This story is from July 18, 2020

Chicago police, protesters clash during bid to topple statue

Chicago police, protesters clash during bid to topple statue
CHICAGO: Protesters trying to topple a Christopher Columbus statue in downtown Chicago's Grant Park clashed with police who used batons to beat people and made at least a dozen arrests after they say protesters targeted them with fireworks, rocks and other items.
The clash Friday evening unfolded after at least 1,000 people tried to swarm the statue in a failed attempt to topple it following a rally in support of Black and Indigenous people.

Police said 18 officers were injured and at least 12 people were arrested during the clash. Four protesters were also hurt during the confrontation, which led local elected officials and activists to condemn the officers' tactics.
“We unequivocally condemn Mayor Lori Lightfoot's decision to send the Chicago police to beat, arrest, and terrorize the demonstrators and journalists gathered in Grant Park tonight,” a group of elected officials said in a statement released late Friday.
Local news site Block Club Chicago reported that one protester, an 18-year-old woman, had several of her front teeth knocked out when an officer punched her.
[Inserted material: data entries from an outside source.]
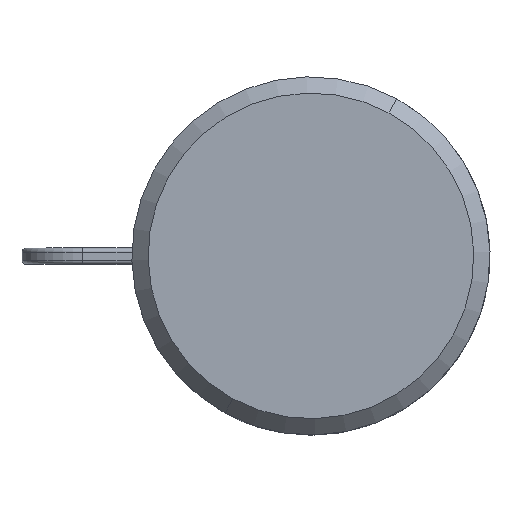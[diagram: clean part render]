
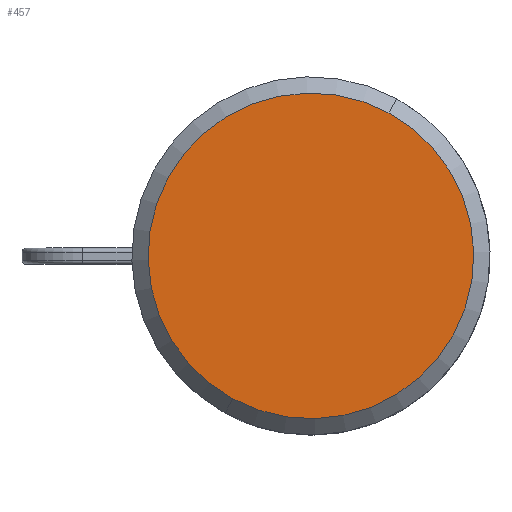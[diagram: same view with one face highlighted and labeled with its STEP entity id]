
A CAD part, top view. The second image highlights one B-rep face of the part: STEP entity #457.
In plain terms, the highlighted planar face has unit normal (0, 0, 1).
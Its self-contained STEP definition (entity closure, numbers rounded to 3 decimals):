
#434=CARTESIAN_POINT('Axis2P3D Location',(0.,-20.,60.)) ;
#439=CARTESIAN_POINT('Axis2P3D Location',(0.,0.,60.)) ;
#443=CARTESIAN_POINT('Vertex',(-9.589,-17.552,60.)) ;
#445=CARTESIAN_POINT('Vertex',(9.589,17.552,60.)) ;
#448=CARTESIAN_POINT('Axis2P3D Location',(0.,0.,60.)) ;
#435=DIRECTION('Axis2P3D Direction',(0.,0.,-1.)) ;
#436=DIRECTION('Axis2P3D XDirection',(1.,0.,0.)) ;
#440=DIRECTION('Axis2P3D Direction',(0.,0.,-1.)) ;
#449=DIRECTION('Axis2P3D Direction',(0.,0.,-1.)) ;
#437=AXIS2_PLACEMENT_3D('Plane Axis2P3D',#434,#435,#436) ;
#441=AXIS2_PLACEMENT_3D('Circle Axis2P3D',#439,#440,$) ;
#450=AXIS2_PLACEMENT_3D('Circle Axis2P3D',#448,#449,$) ;
#442=CIRCLE('generated circle',#441,20.) ;
#451=CIRCLE('generated circle',#450,20.) ;
#438=PLANE('',#437) ;
#447=EDGE_CURVE('',#444,#446,#442,.T.) ;
#452=EDGE_CURVE('',#446,#444,#451,.T.) ;
#454=ORIENTED_EDGE('',*,*,#447,.F.) ;
#455=ORIENTED_EDGE('',*,*,#452,.F.) ;
#453=EDGE_LOOP('',(#454,#455)) ;
#444=VERTEX_POINT('',#443) ;
#446=VERTEX_POINT('',#445) ;
#457=ADVANCED_FACE('Brep With Voids',(#456),#438,.F.) ;
#456=FACE_OUTER_BOUND('',#453,.T.) ;
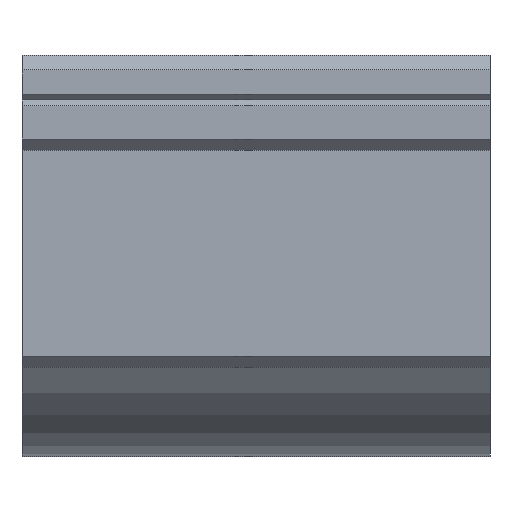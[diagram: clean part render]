
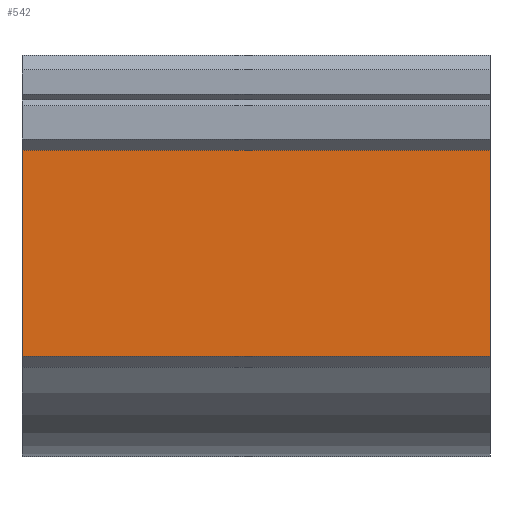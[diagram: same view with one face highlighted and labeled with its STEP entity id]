
A CAD part, front view. The second image highlights one B-rep face of the part: STEP entity #542.
In plain terms, the highlighted planar face has unit normal (0, -1, 0).
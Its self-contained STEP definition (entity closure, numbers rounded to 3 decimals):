
#361=CARTESIAN_POINT('',(0.0,-21.,-8.));
#362=VERTEX_POINT('',#361);
#369=CARTESIAN_POINT('',(0.0,-21.0,10.5));
#370=VERTEX_POINT('',#369);
#371=CARTESIAN_POINT('',(0.0,-21.,-8.));
#372=DIRECTION('',(0.0,0.0,1.0));
#373=VECTOR('',#372,18.5);
#374=LINE('',#371,#373);
#375=EDGE_CURVE('',#362,#370,#374,.T.);
#495=CARTESIAN_POINT('',(42.0,-21.,-8.));
#496=VERTEX_POINT('',#495);
#503=CARTESIAN_POINT('',(42.0,-21.,-8.));
#504=DIRECTION('',(-1.0,0.0,0.0));
#505=VECTOR('',#504,42.0);
#506=LINE('',#503,#505);
#507=EDGE_CURVE('',#496,#362,#506,.T.);
#519=CARTESIAN_POINT('',(0.0,-21.,-9.));
#520=DIRECTION('',(0.0,-1.0,0.0));
#521=DIRECTION('',(0.0,0.0,-1.0));
#522=AXIS2_PLACEMENT_3D('',#519,#520,#521);
#523=PLANE('',#522);
#524=ORIENTED_EDGE('',*,*,#507,.F.);
#525=CARTESIAN_POINT('',(42.0,-21.0,10.5));
#526=VERTEX_POINT('',#525);
#527=CARTESIAN_POINT('',(42.0,-21.,-8.));
#528=DIRECTION('',(0.0,0.0,1.0));
#529=VECTOR('',#528,18.5);
#530=LINE('',#527,#529);
#531=EDGE_CURVE('',#496,#526,#530,.T.);
#532=ORIENTED_EDGE('',*,*,#531,.T.);
#533=CARTESIAN_POINT('',(0.0,-21.0,10.5));
#534=DIRECTION('',(1.0,0.0,0.0));
#535=VECTOR('',#534,42.0);
#536=LINE('',#533,#535);
#537=EDGE_CURVE('',#370,#526,#536,.T.);
#538=ORIENTED_EDGE('',*,*,#537,.F.);
#539=ORIENTED_EDGE('',*,*,#375,.F.);
#540=EDGE_LOOP('',(#524,#532,#538,#539));
#541=FACE_OUTER_BOUND('',#540,.T.);
#542=ADVANCED_FACE('',(#541),#523,.T.);
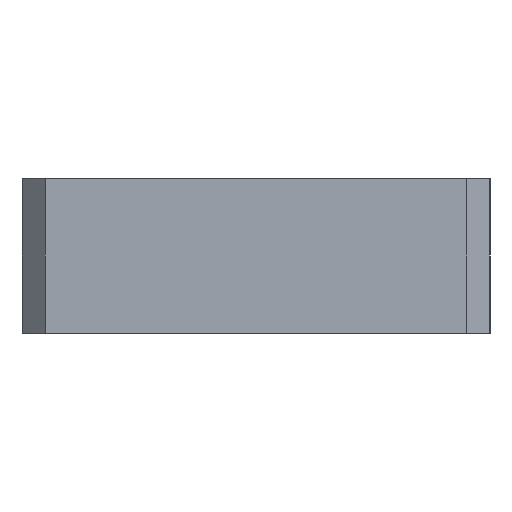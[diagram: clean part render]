
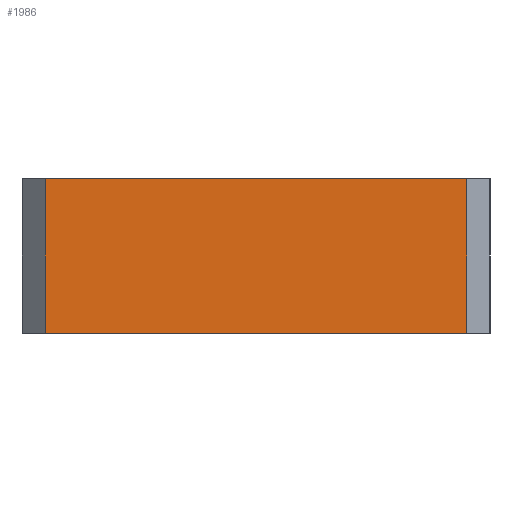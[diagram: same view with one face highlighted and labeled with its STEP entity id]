
A CAD part, left-side view. The second image highlights one B-rep face of the part: STEP entity #1986.
In plain terms, the highlighted planar face has unit normal (-1, 0, 0).
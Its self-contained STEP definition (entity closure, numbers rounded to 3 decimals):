
#215 = DIRECTION ( 'NONE',  ( 1., 0., 0. ) ) ;
#245 = DIRECTION ( 'NONE',  ( 0., -1., 0. ) ) ;
#357 = AXIS2_PLACEMENT_3D ( 'NONE', #2980, #215, #1684 ) ;
#367 = LINE ( 'NONE', #2611, #2403 ) ;
#579 = ORIENTED_EDGE ( 'NONE', *, *, #1859, .T. ) ;
#604 = LINE ( 'NONE', #2497, #2559 ) ;
#605 = CARTESIAN_POINT ( 'NONE',  ( -65., 45., 33. ) ) ;
#856 = CARTESIAN_POINT ( 'NONE',  ( -65., -45., 33. ) ) ;
#1089 = VERTEX_POINT ( 'NONE', #2418 ) ;
#1366 = CARTESIAN_POINT ( 'NONE',  ( -65., -45., 33. ) ) ;
#1379 = VERTEX_POINT ( 'NONE', #856 ) ;
#1382 = ORIENTED_EDGE ( 'NONE', *, *, #2153, .T. ) ;
#1524 = LINE ( 'NONE', #1753, #2825 ) ;
#1574 = DIRECTION ( 'NONE',  ( 0., -1., 0. ) ) ;
#1684 = DIRECTION ( 'NONE',  ( 0., 1., 0. ) ) ;
#1753 = CARTESIAN_POINT ( 'NONE',  ( -65., 50., 33. ) ) ;
#1859 = EDGE_CURVE ( 'NONE', #1089, #3269, #367, .T. ) ;
#1986 = ADVANCED_FACE ( 'NONE', ( #2970 ), #2728, .F. ) ;
#1991 = DIRECTION ( 'NONE',  ( 0., 0., -1. ) ) ;
#2105 = VERTEX_POINT ( 'NONE', #605 ) ;
#2137 = DIRECTION ( 'NONE',  ( 0., 0., 1. ) ) ;
#2153 = EDGE_CURVE ( 'NONE', #3269, #1379, #3079, .T. ) ;
#2325 = EDGE_CURVE ( 'NONE', #2105, #1089, #604, .T. ) ;
#2398 = VECTOR ( 'NONE', #2137, 1000. ) ;
#2403 = VECTOR ( 'NONE', #1574, 1000. ) ;
#2418 = CARTESIAN_POINT ( 'NONE',  ( -65., 45., 0. ) ) ;
#2464 = CARTESIAN_POINT ( 'NONE',  ( -65., -45., 0. ) ) ;
#2497 = CARTESIAN_POINT ( 'NONE',  ( -65., 45., 33. ) ) ;
#2559 = VECTOR ( 'NONE', #1991, 1000. ) ;
#2611 = CARTESIAN_POINT ( 'NONE',  ( -65., 50., 0. ) ) ;
#2728 = PLANE ( 'NONE',  #357 ) ;
#2747 = ORIENTED_EDGE ( 'NONE', *, *, #2325, .T. ) ;
#2765 = EDGE_CURVE ( 'NONE', #2105, #1379, #1524, .T. ) ;
#2825 = VECTOR ( 'NONE', #245, 1000. ) ;
#2970 = FACE_OUTER_BOUND ( 'NONE', #3178, .T. ) ;
#2980 = CARTESIAN_POINT ( 'NONE',  ( -65., 50., 33. ) ) ;
#2989 = ORIENTED_EDGE ( 'NONE', *, *, #2765, .F. ) ;
#3079 = LINE ( 'NONE', #1366, #2398 ) ;
#3178 = EDGE_LOOP ( 'NONE', ( #2989, #2747, #579, #1382 ) ) ;
#3269 = VERTEX_POINT ( 'NONE', #2464 ) ;

It also shared a video of that assault and a photo of the woman's bloodied mouth and missing teeth. It identified her as Miracle Boyd, a member of the anti-gun violence group GoodKids MadCity.
The police department said in a statement that officers assembled in the park as the protesters converged there and were “providing security and protecting their First Amendment right to peacefully assemble."

It said that as demonstrators approached the statue “some members of the crowd turned on the police and used the protest to attack officers with fireworks, rocks, frozen bottles, and other objects." Amika Tendaji, an organizer for the protest, during which artists tagged the statue with slogans including “Decolonize Chicago” and “Black Lives Matter,” decried the officers' use of force to protect a statue.
“I think the people of Chicago and the world have proven that they are over police brutalising people,” she said. “They're over police murder, they're over police terrorism, so the people are going to keep fighting.”
The Columbus statue in Grant Park and another in the city's Little Italy neighbourhood were also vandalised last month.
Protesters across the county have called for the removal of statues of Columbus, saying that the Italian explorer is responsible for the genocide and exploitation of native peoples in the Americas.
Statues of Columbus have also been toppled or vandalised in cities such as Miami; Richmond, Virginia; St. Paul, Minnesota; and Boston, where one was decapitated.